# String quintet



## dko22 (Jun 22, 2021)

I thought I'd just try to attract some attention to my String Quintet. Not because the work is in any way original -- it isn't in my view -- but because I think it's one of the most inspired of my chamber works and one which gets as close as anything to the spirit of late Schubert (the impetus was his quintet) though clothed in rather more late Romantic harmony. It is quite long -- and I blame Schubert's "heavenly length" for that -- but perhaps one or two with patience might manage it through and if not the whole work, then the last movement (at 25'16") is the one I regard as the finest.
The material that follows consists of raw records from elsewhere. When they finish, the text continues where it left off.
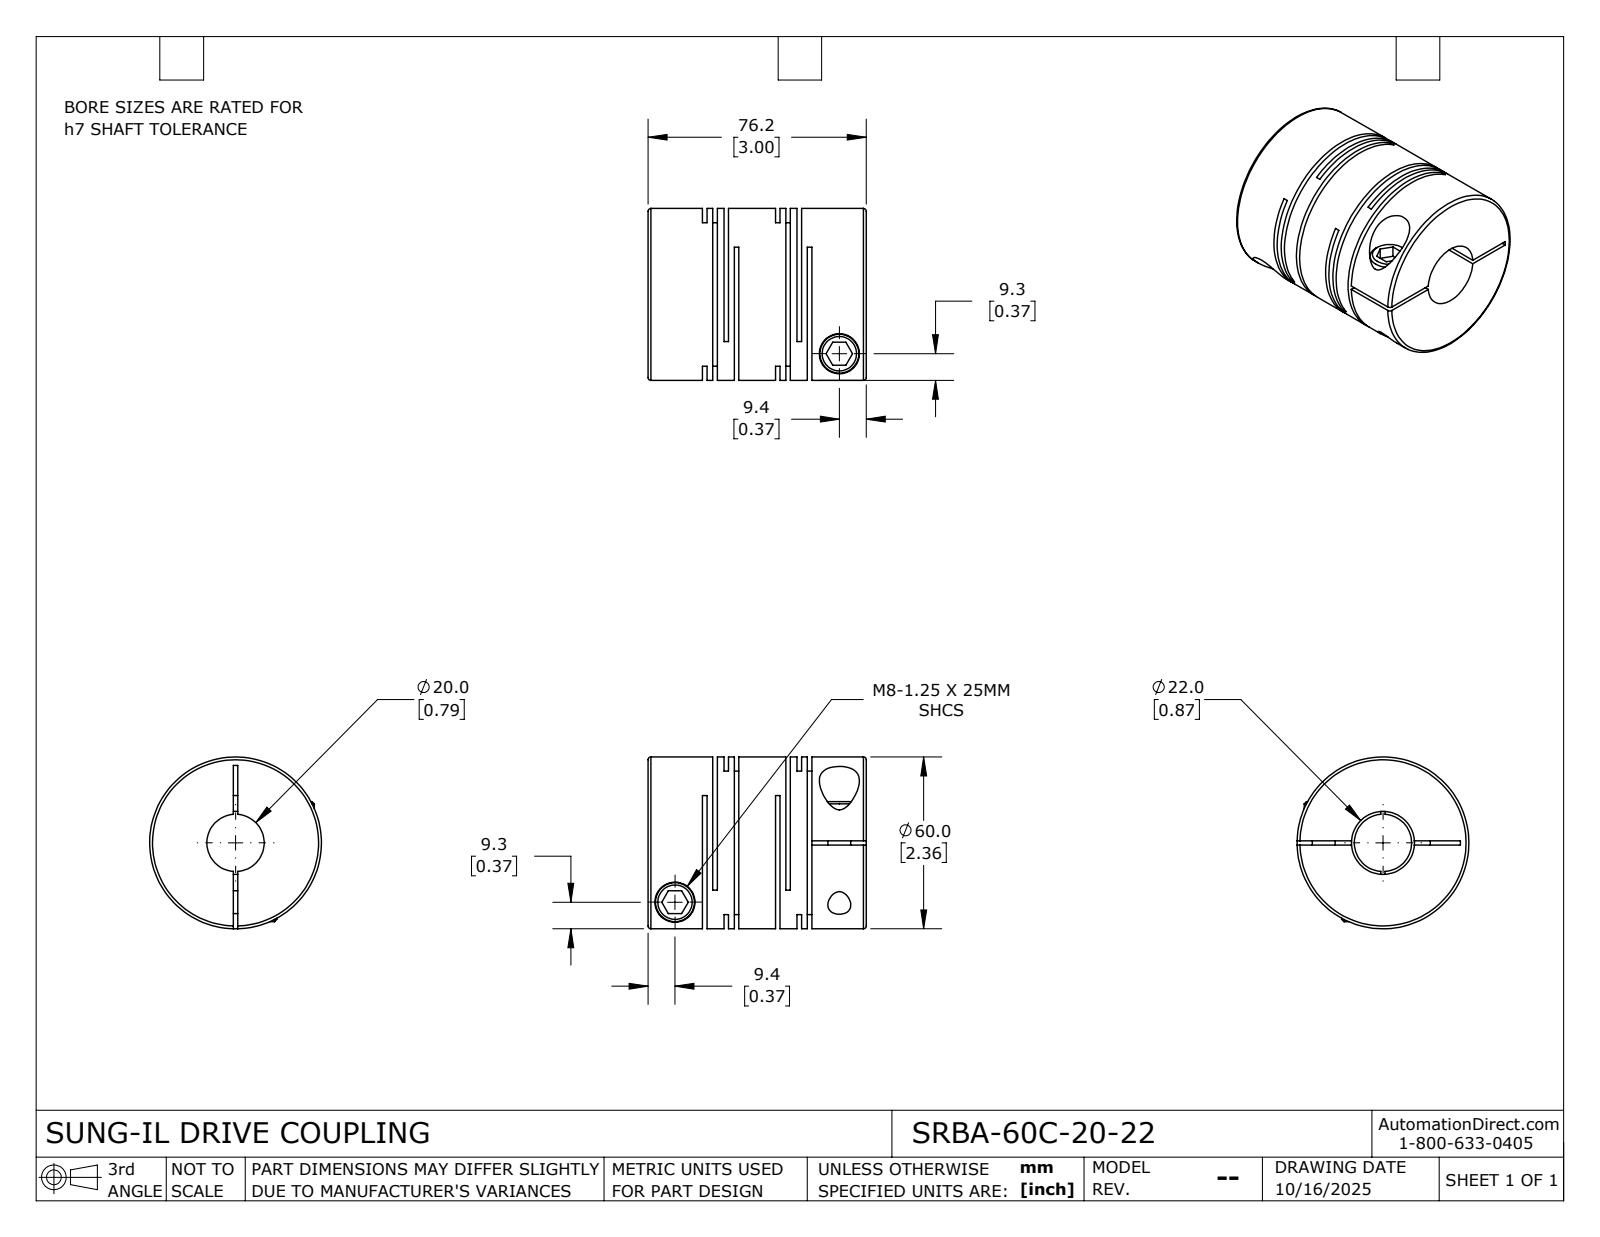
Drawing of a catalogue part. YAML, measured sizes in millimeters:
part_name: "SRBA-60C-20-22"
step_written_by: "SolidWorks 2024 (CONFIG_CONTROL_DESIGN)"
units: millimeters
bodies: {solids: 1, faces: 115, planar: 60, cylindrical: 42, other: 13}
overall_size: [76.2, 60, 60]
volume: 157406
surface_area: 58274
round_holes:
  - {diameter: 8, count: 2}
  - {diameter: 14, count: 2}
  - {diameter: 20, count: 1}
  - {diameter: 22, count: 1}
round_bosses_or_shafts:
  - {diameter: 13.6, count: 2}
  - {diameter: 60, count: 1}
face_to_face_distances: [1.6, 3.6, 7.5, 25.5, 33, 2, 5.9, 3.9, 23.9, 21.9]
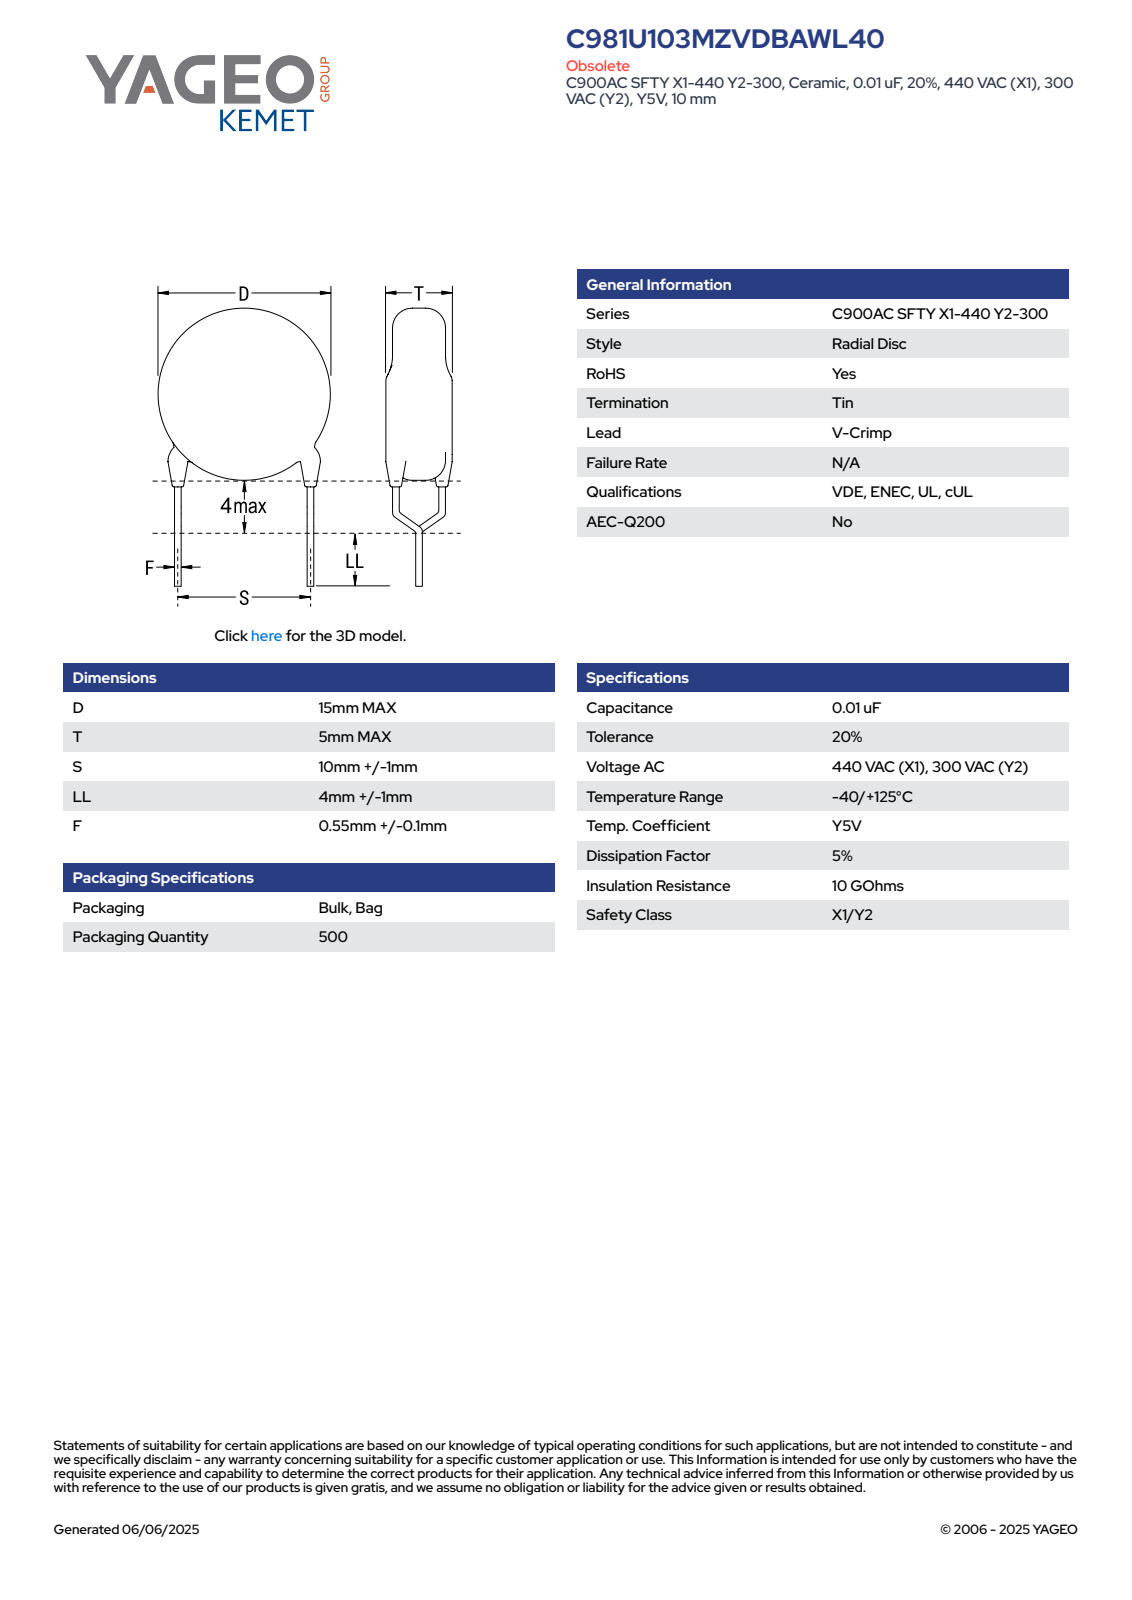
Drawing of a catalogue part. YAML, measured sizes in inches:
part_name: "CCD_VCC900_D15T5S10LL5F0.65"
step_written_by: "SolidWorks 2014 (AUTOMOTIVE_DESIGN)"
units: inches
bodies: {solids: 5, faces: 93, planar: 65, cylindrical: 16, other: 12}
overall_size: [0.937, 0.591, 0.197]
volume: 0.053
surface_area: 0.958
round_bosses_or_shafts:
  - {diameter: 0.026, count: 6}
  - {diameter: 0.591, count: 1}
face_to_face_distances: [0.197, 0.311, 0.68, 0.369, 0.603, 0.292, 0.077, 0.021, 0.313, 0.015]
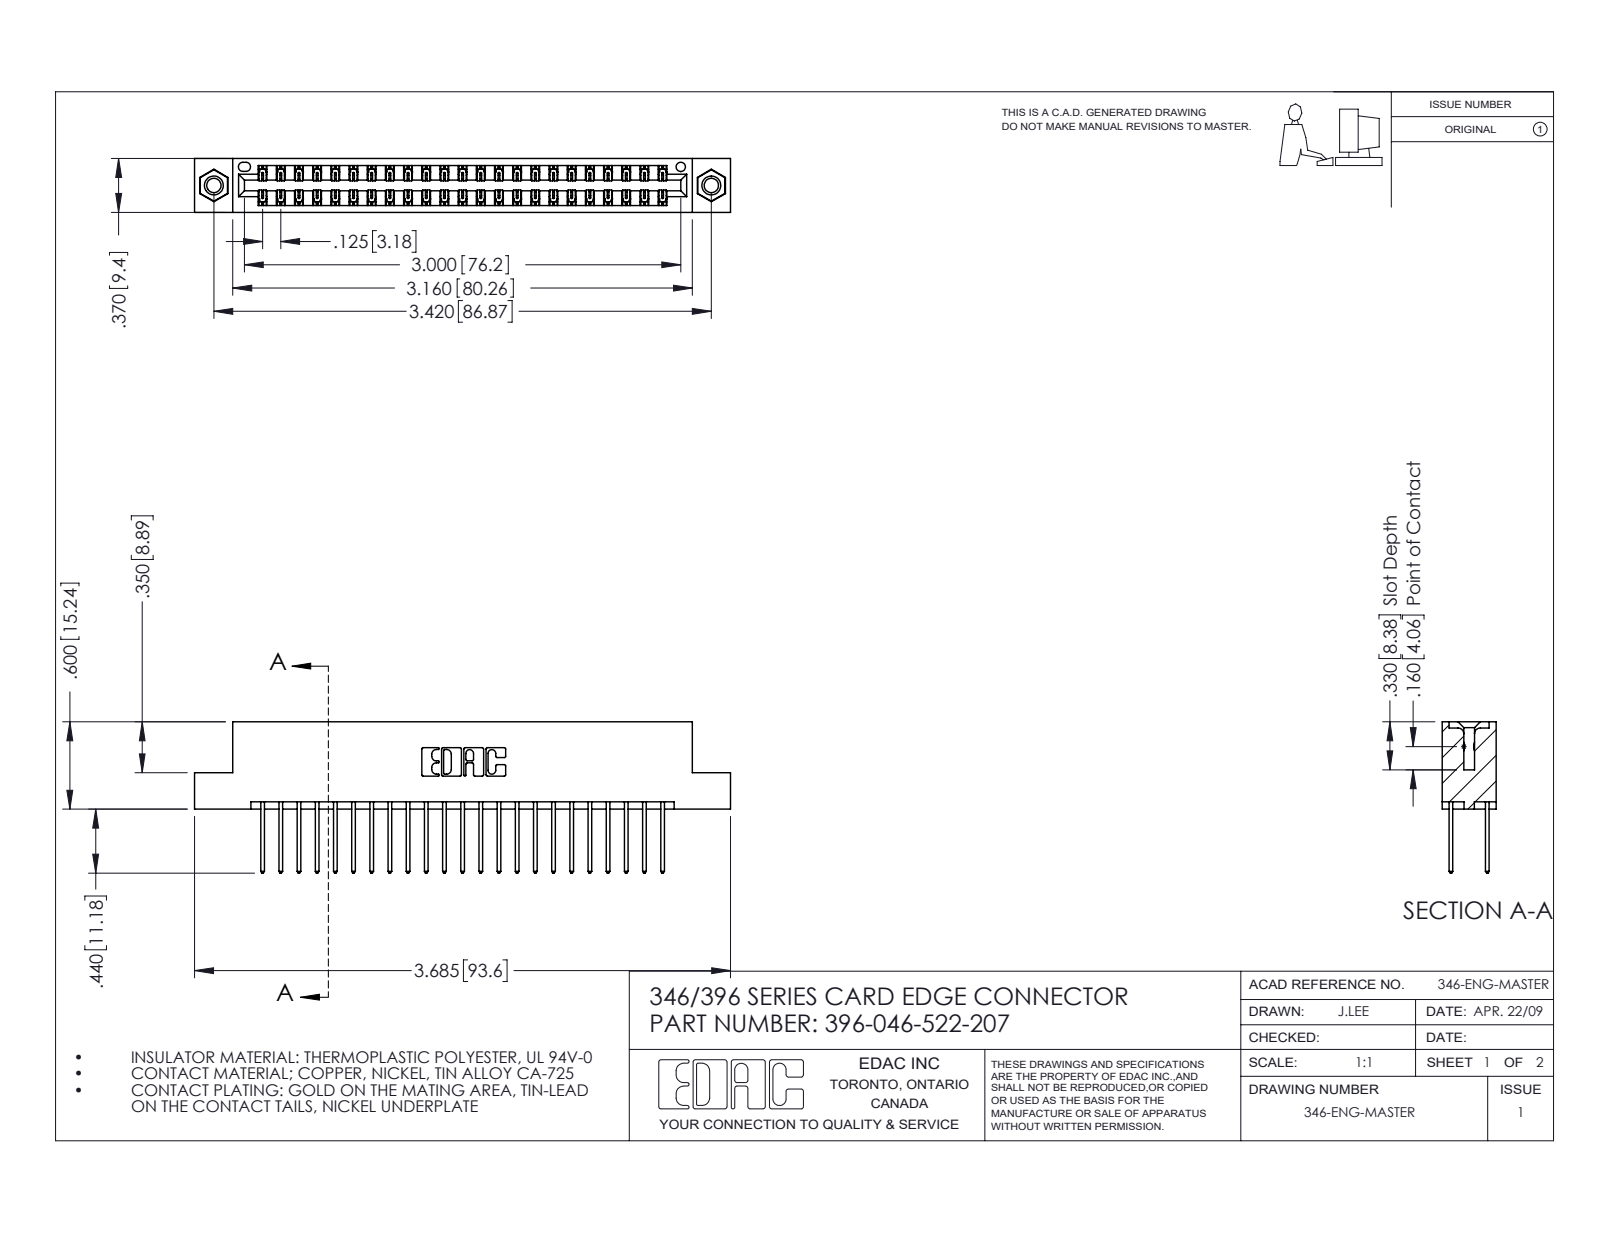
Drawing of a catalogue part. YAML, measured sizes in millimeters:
part_name: "396-046-522-207; 345-292-001_345-293-122; 345-250-001_345-250-005-103; 346 Part_Flush Mounting Lugs - 0.156 Dia-TI"
step_written_by: "SolidWorks 2016 (CONFIG_CONTROL_DESIGN)"
units: millimeters
bodies: {solids: 49, faces: 2574, planar: 1718, cylindrical: 840, other: 16}
overall_size: [93.6, 26.4, 9.4]
volume: 9080
surface_area: 12770
round_holes:
  - {diameter: 2.5, count: 2}
  - {diameter: 3.2, count: 2}
  - {diameter: 4, count: 2}
  - {diameter: 1.6, count: 1}
round_bosses_or_shafts:
  - {diameter: 3.9, count: 2}
partial_cylinders:
  - {radius: 0.2, count: 69}
  - {radius: 0.3, count: 46}
  - {radius: 0.3, count: 22}
  - {radius: 0.2, count: 6}
  - {radius: 0.8, count: 6}
  - {radius: 0.7, count: 3}
  - {radius: 0.4, count: 2}
  - {radius: 0.6, count: 2}
face_to_face_distances: [1.2, 8.2, 6.4, 9.4, 1.8, 7.6, 0.6, 7, 3.8, 5.6]
hole_center_spacings: [6.2, 81.6, 86.9]

It can be found on my Reelcrafter site. The rendering is with the VSL solo strings.








chamber works







play.reelcrafter.com


----------



## Owen David (May 15, 2020)

Very nice. I can happily listen to this, though at the end of the day I will say: well I am left with a vague impression and nothing I can hum. I like hummable things, personally. Well, we each wield our own ploughs - so no problem there. I don't mind a bit of dissonance... heard one of Janacek's folk songs on the radio this morning which certainly engaged my attention. But unless you can remember the thing you heard, it seems a rather shallow experience to me. There may be a small number of people who can recall non-melodious musical patterns but they must be a very small number - however they perhaps have an inordinate amount of influence over the classical music scene.


----------



## dko22 (Jun 22, 2021)

thanks very much for listening to this and for your comments! I must say that, although there are certainly works of mine where I struggle to remember or hum the tunes, this isn't one of them. The main reason I like it is because of the quality of the melodic inspiration but I have long realised how subjective this is. There are probably people who struggle with Janacek's unsurpassed melodies as well.


----------



## shaun fernandez (6 mo ago)

dko22 said:


> I thought I'd just try to attract some attention to my String Quintet. Not because the work is in any way original -- it isn't in my view -- but because I think it's one of the most inspired of my chamber works and one which gets as close as anything to the spirit of late Schubert (the impetus was his quintet) though clothed in rather more late Romantic harmony. It is quite long -- and I blame Schubert's "heavenly length" for that -- but perhaps one or two with patience might manage it through and if not the whole work, then the last movement (at 25'16") is the one I regard as the finest.
> 
> It can be found on my Reelcrafter site. The rendering is with the VSL solo strings.
> 
> ...


I love it


----------



## Enthalpy (Apr 15, 2020)

I like it too, dko22 - David Owen!

No need for something to hum for me.

But you could vary the playing techniques. Bowed strings have dozens of them, I heard only the most common one. Pizzicato, saltato, harmonic, and so on and so forth. The musicians and the public want them.


----------